Expectation Complete Graph Representations

This repository contains the code to compute graph representations that are complete in expectation. Its sister repository HomCountGNNs contains the code to train GNNs using the expectation-complete graph representations. If you use this code in your work or find it useful in any other way, please consider citing our paper.

@inproceedings{welke2023expectation,
publicationtype = {preprint},
  pdf = {https://openreview.net/pdf?id=ppgRPC14uI},
  code = {https://github.com/pwelke/homcount},
  reviews = {https://openreview.net/forum?id=ppgRPC14uI},
  venuetype = {conference},
  venueurl = {https://icml.cc/2023},
  author       = {Pascal Welke* and Maximilian Thiessen* and Fabian Jogl and Thomas Gärtner},
  title        = {Expectation-Complete Graph Representations with Homomorphisms},
  booktitle    = {International Conference on Machine Learning ({ICML})},
  year = {2023},  
}

This repository started as a fork of graph-homomorphism-convolution. Thanks to NT Hoang!

Installation

System Setup

Ensure that you have python installed, cmake, and a recent c++ compiler available.

Clone Repo

To run the code in this repository, clone it somewhere and initialize all git submodules

git clone --recurse-submodules https://github.com/pwelke/homcount
cd homcount

Building HomSub

To compile c++ part, enter the HomSub folder and compile the code

cd HomSub
sh build-third-party.sh
sh build.sh
cd ..

Python Setup

Create a virtual environment, using python >=3.7 and install dependencies, e.g. with anaconda: Make sure, you are in the base directory, again.

conda create -n expectation_complete
conda activate expectation_complete
pip install -r requirements.txt

The dependency ogb (Open Graph Benchmark) is only necessary if you want to download the ogb-provided datasets ogbg-mol*.

Compute Embeddings and Evaluate Results

Downloading Data

You can either download all data files used for the experiments in our paper via a single link, or run scripts that download them from different sources.

Download the graph datasets from here and unzip them into data/graphbds.
Alternatively, run (in the virtual environment) the scripts in dataset_conversion. These create the required datasets in the correct location. If you need to transform your own graphs into the required input format, have a look at the files in dataset_conversion. Dataset imports from the Open Graph Benchmark or from Pytorch Geometric should be possible more or less straight away.

Downloading Embeddings

As our embeddings are inherently randomized and as it is difficult to reliably reproduce randomized experiments on different hardware and software stacks, we also provide the embeddings we have used for our experiments. You can download the embeddings here

(Note that, for historic reasons the files in the download have the extension .singleton_filtered, but are in the same format as the .homson files computed by our code as described below.)

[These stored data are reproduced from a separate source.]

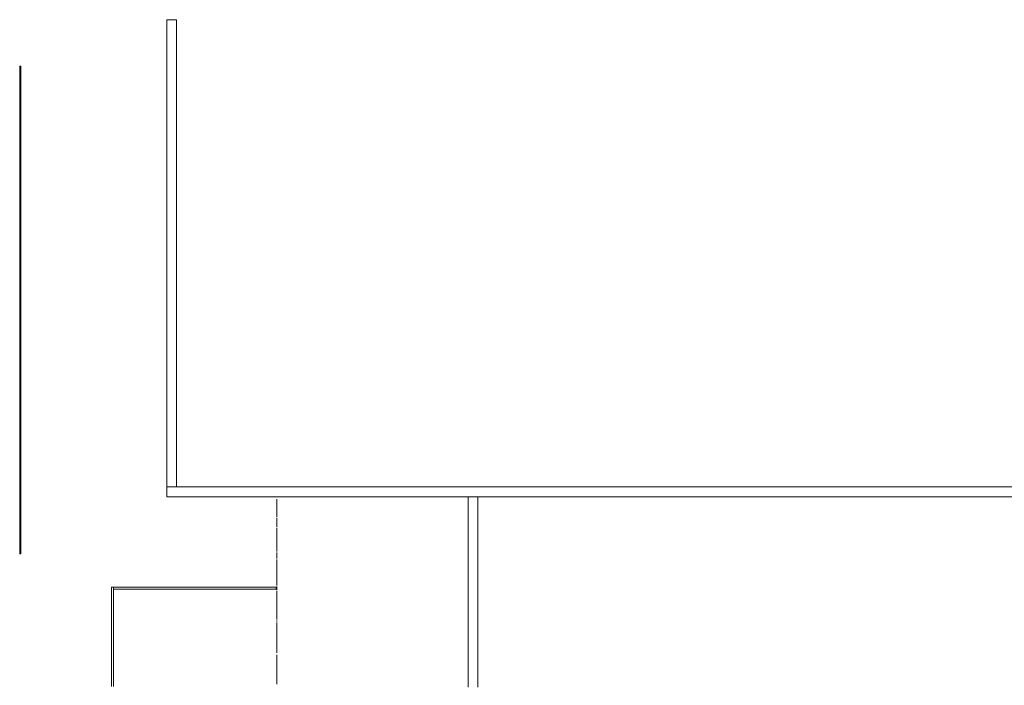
# Model space of a CAD drawing. Header units: millimetres. Extents: x 4476663 to 4477054, y -30323851 to -30323414.
# Tile 259 of 262: x 4476883 to 4476963, y -30323494 to -30323440. Entities that reach past the tile are written whole.
import ezdxf

# ---------------------------------------------------------------- set-up
doc = ezdxf.new("R2010")
doc.units = ezdxf.units.MM
doc.layers.add('IFC-Parede padrão-Contorno', color=44, linetype='Continuous', lineweight=5)
doc.layers.add('IFC-Placa-Contorno', color=4, linetype='Continuous', lineweight=5)

msp = doc.modelspace()

# ---------------------------------------------------------------- linework, layer by layer
at = {"layer": 'IFC-Parede padrão-Contorno', "color": 8, "lineweight": 5}
for p, q in [((4476894.735, -30323439.878), (4476895.319, -30323439.878)), ((4476894.735, -30323450.125), (4476894.735, -30323439.878)), ((4476895.319, -30323439.878), (4476895.535, -30323439.878)), ((4476895.535, -30323467.693), (4476895.535, -30323439.878)), ((4476882.756, -30323483.399), (4476882.756, -30323443.677)), ((4476882.756, -30323443.677), (4476882.856, -30323443.677)), ((4476882.856, -30323483.399), (4476882.856, -30323443.677)), ((4476894.735, -30323477.94), (4476894.735, -30323450.125)), ((4476895.535, -30323477.94), (4476895.535, -30323467.693)), ((4476894.735, -30323478.101), (4476894.735, -30323477.94)), ((4476894.735, -30323477.94), (4476966.339, -30323477.94)), ((4476894.735, -30323478.74), (4476894.735, -30323478.101)), ((4476894.735, -30323478.74), (4476912.793, -30323478.74)), ((4476912.793, -30323478.74), (4476984.398, -30323478.74)), ((4476919.303, -30323483.771), (4476919.303, -30323478.74)), ((4476920.103, -30323489.215), (4476920.103, -30323478.74)), ((4476882.756, -30323483.399), (4476882.856, -30323483.399)), ((4476919.303, -30323494.246), (4476919.303, -30323483.771)), ((4476890.234, -30323486.1), (4476890.414, -30323486.1)), ((4476890.234, -30323494.197), (4476890.234, -30323486.1)), ((4476890.414, -30323494.197), (4476890.414, -30323486.1)), ((4476890.414, -30323486.1), (4476903.664, -30323486.1)), ((4476903.664, -30323486.28), (4476903.664, -30323486.1)), ((4476890.414, -30323486.28), (4476903.664, -30323486.28)), ((4476920.103, -30323494.246), (4476920.103, -30323489.215))]:
    msp.add_line(p, q, dxfattribs=at)
at = {"layer": 'IFC-Placa-Contorno', "color": 8, "lineweight": 5}
for p, q in [((4476903.704, -30323478.94), (4476903.724, -30323478.94)), ((4476903.704, -30323478.94), (4476903.719, -30323478.94)), ((4476903.704, -30323479.286), (4476903.704, -30323478.94)), ((4476903.719, -30323478.94), (4476903.724, -30323478.94)), ((4476903.724, -30323480.415), (4476903.724, -30323478.94)), ((4476903.724, -30323480.069), (4476903.724, -30323478.94)), ((4476903.704, -30323480.415), (4476903.704, -30323479.286)), ((4476903.704, -30323480.415), (4476903.709, -30323480.415)), ((4476903.704, -30323480.495), (4476903.724, -30323480.495)), ((4476903.704, -30323480.495), (4476903.719, -30323480.495)), ((4476903.704, -30323480.665), (4476903.704, -30323480.495)), ((4476903.709, -30323480.415), (4476903.724, -30323480.415)), ((4476903.719, -30323480.495), (4476903.724, -30323480.495)), ((4476903.724, -30323480.415), (4476903.724, -30323480.069)), ((4476903.724, -30323481.049), (4476903.724, -30323480.495)), ((4476903.724, -30323481.218), (4476903.724, -30323480.541)), ((4476903.704, -30323481.218), (4476903.704, -30323480.665)), ((4476903.704, -30323481.218), (4476903.709, -30323481.218)), ((4476903.704, -30323481.298), (4476903.724, -30323481.298)), ((4476903.704, -30323481.298), (4476903.719, -30323481.298)), ((4476903.704, -30323481.743), (4476903.704, -30323481.298)), ((4476903.709, -30323481.218), (4476903.724, -30323481.218)), ((4476903.719, -30323481.298), (4476903.724, -30323481.298)), ((4476903.724, -30323481.218), (4476903.724, -30323481.049)), ((4476903.724, -30323483.194), (4476903.724, -30323481.298)), ((4476903.724, -30323482.749), (4476903.724, -30323481.298)), ((4476903.704, -30323483.194), (4476903.704, -30323481.743)), ((4476903.724, -30323483.194), (4476903.724, -30323482.749)), ((4476903.704, -30323483.194), (4476903.709, -30323483.194)), ((4476903.704, -30323483.274), (4476903.724, -30323483.274)), ((4476903.704, -30323483.274), (4476903.719, -30323483.274)), ((4476903.704, -30323483.392), (4476903.704, -30323483.274)), ((4476903.704, -30323483.777), (4476903.704, -30323483.392)), ((4476903.709, -30323483.194), (4476903.724, -30323483.194)), ((4476903.719, -30323483.274), (4476903.724, -30323483.274)), ((4476903.724, -30323483.777), (4476903.724, -30323483.274)), ((4476903.724, -30323483.659), (4476903.724, -30323483.274)), ((4476903.724, -30323483.777), (4476903.724, -30323483.659)), ((4476903.704, -30323483.777), (4476903.709, -30323483.777)), ((4476903.704, -30323483.857), (4476903.724, -30323483.857)), ((4476903.704, -30323483.857), (4476903.719, -30323483.857)), ((4476903.704, -30323484.353), (4476903.704, -30323483.857)), ((4476903.704, -30323485.973), (4476903.704, -30323484.353)), ((4476903.709, -30323483.777), (4476903.724, -30323483.777)), ((4476903.719, -30323483.857), (4476903.724, -30323483.857)), ((4476903.724, -30323485.973), (4476903.724, -30323483.857)), ((4476903.724, -30323485.476), (4476903.724, -30323483.857)), ((4476903.704, -30323485.973), (4476903.709, -30323485.973)), ((4476903.704, -30323486.053), (4476903.724, -30323486.053)), ((4476903.704, -30323486.053), (4476903.719, -30323486.053)), ((4476903.704, -30323486.119), (4476903.704, -30323486.053)), ((4476903.704, -30323486.335), (4476903.704, -30323486.119)), ((4476903.709, -30323485.973), (4476903.724, -30323485.973)), ((4476903.719, -30323486.053), (4476903.724, -30323486.053)), ((4476903.724, -30323485.973), (4476903.724, -30323485.476)), ((4476903.724, -30323486.335), (4476903.724, -30323486.053)), ((4476903.724, -30323486.269), (4476903.724, -30323486.053)), ((4476903.704, -30323486.335), (4476903.709, -30323486.335)), ((4476903.704, -30323486.415), (4476903.724, -30323486.415)), ((4476903.704, -30323486.415), (4476903.719, -30323486.415)), ((4476903.704, -30323486.963), (4476903.704, -30323486.415)), ((4476903.704, -30323488.752), (4476903.704, -30323486.963)), ((4476903.709, -30323486.335), (4476903.724, -30323486.335)), ((4476903.719, -30323486.415), (4476903.724, -30323486.415)), ((4476903.724, -30323486.335), (4476903.724, -30323486.269)), ((4476903.724, -30323488.204), (4476903.724, -30323486.415)), ((4476903.724, -30323488.752), (4476903.724, -30323487.596)), ((4476903.724, -30323488.752), (4476903.724, -30323488.204)), ((4476903.704, -30323488.752), (4476903.709, -30323488.752)), ((4476903.704, -30323488.832), (4476903.724, -30323488.832)), ((4476903.704, -30323488.832), (4476903.719, -30323488.832)), ((4476903.704, -30323488.846), (4476903.704, -30323488.832)), ((4476903.704, -30323488.893), (4476903.704, -30323488.846)), ((4476903.704, -30323488.893), (4476903.709, -30323488.893)), ((4476903.704, -30323488.973), (4476903.724, -30323488.973)), ((4476903.704, -30323488.973), (4476903.719, -30323488.973)), ((4476903.704, -30323489.555), (4476903.704, -30323488.973)), ((4476903.709, -30323488.752), (4476903.724, -30323488.752)), ((4476903.709, -30323488.893), (4476903.724, -30323488.893)), ((4476903.719, -30323488.832), (4476903.724, -30323488.832)), ((4476903.719, -30323488.973), (4476903.724, -30323488.973)), ((4476903.724, -30323488.893), (4476903.724, -30323488.832)), ((4476903.724, -30323488.879), (4476903.724, -30323488.832)), ((4476903.724, -30323488.893), (4476903.724, -30323488.879)), ((4476903.724, -30323491.452), (4476903.724, -30323488.973)), ((4476903.724, -30323490.87), (4476903.724, -30323488.973)), ((4476903.704, -30323491.452), (4476903.704, -30323489.555)), ((4476903.724, -30323491.452), (4476903.724, -30323490.87)), ((4476903.704, -30323491.452), (4476903.709, -30323491.452)), ((4476903.704, -30323491.611), (4476903.724, -30323491.611)), ((4476903.704, -30323491.611), (4476903.719, -30323491.611)), ((4476903.704, -30323492.174), (4476903.704, -30323491.611)), ((4476903.709, -30323491.452), (4476903.724, -30323491.452)), ((4476903.719, -30323491.611), (4476903.724, -30323491.611)), ((4476903.724, -30323494.01), (4476903.724, -30323491.611)), ((4476903.724, -30323493.447), (4476903.724, -30323491.611)), ((4476903.704, -30323494.01), (4476903.704, -30323492.174)), ((4476903.704, -30323494.01), (4476903.709, -30323494.01)), ((4476903.709, -30323494.01), (4476903.724, -30323494.01)), ((4476903.724, -30323494.01), (4476903.724, -30323493.447))]:
    msp.add_line(p, q, dxfattribs=at)

doc.saveas('drawing.dxf')

Rerunning our Experiments from Shell

Run (in the virtual environment) python experiments/compute_ogbpyg.py, to compute the embeddings of the selected datasets (if not already done) and save them in data/homcount.
- data/homcount now contains files with the extension .homson that are json formatted and contain information on pattern sizes and, for each graph, the computed pattern counts.
- patterns are stored as pickled networkx graphs in files with extension .patterns
- homomorphism counts are also stored in binary numpy format in files with extension .hom
Run (in the virtual environment) python experiments/compute_TUDatasets.py, to compute a number of embeddings of the selected datasets (if not already done) and save them in data/homcount. After that, the script runs 10-fold cross validations for the MLP and SVM classifiers.
Note that there is currently a race condition with a temp file in the C++ part of the homomorphism computation. Hence, you cannot run multiple experiments simultaneously on the project folder. A workaroud would be to copy the full project folder multiple times.
Currently, the average accuracies have to be manually collected from the output of experiments/compute_TUDatasets.py.
GNN training and performance evaluation is delegated to the code in HomCountGNNs

Computation of Homomorphism Counts from Python

The file pattern_extractors/hom.py contains a function compute_hom. You can call it with your parameters of choice to go from graph database to computed homomorphism patterns. If you need to transform your graphs into the required input format, have a look at the files in dataset_conversion. Dataset imports from the Open Graph Benchmark or from Pytorch Geometric should be possible more or less straight away.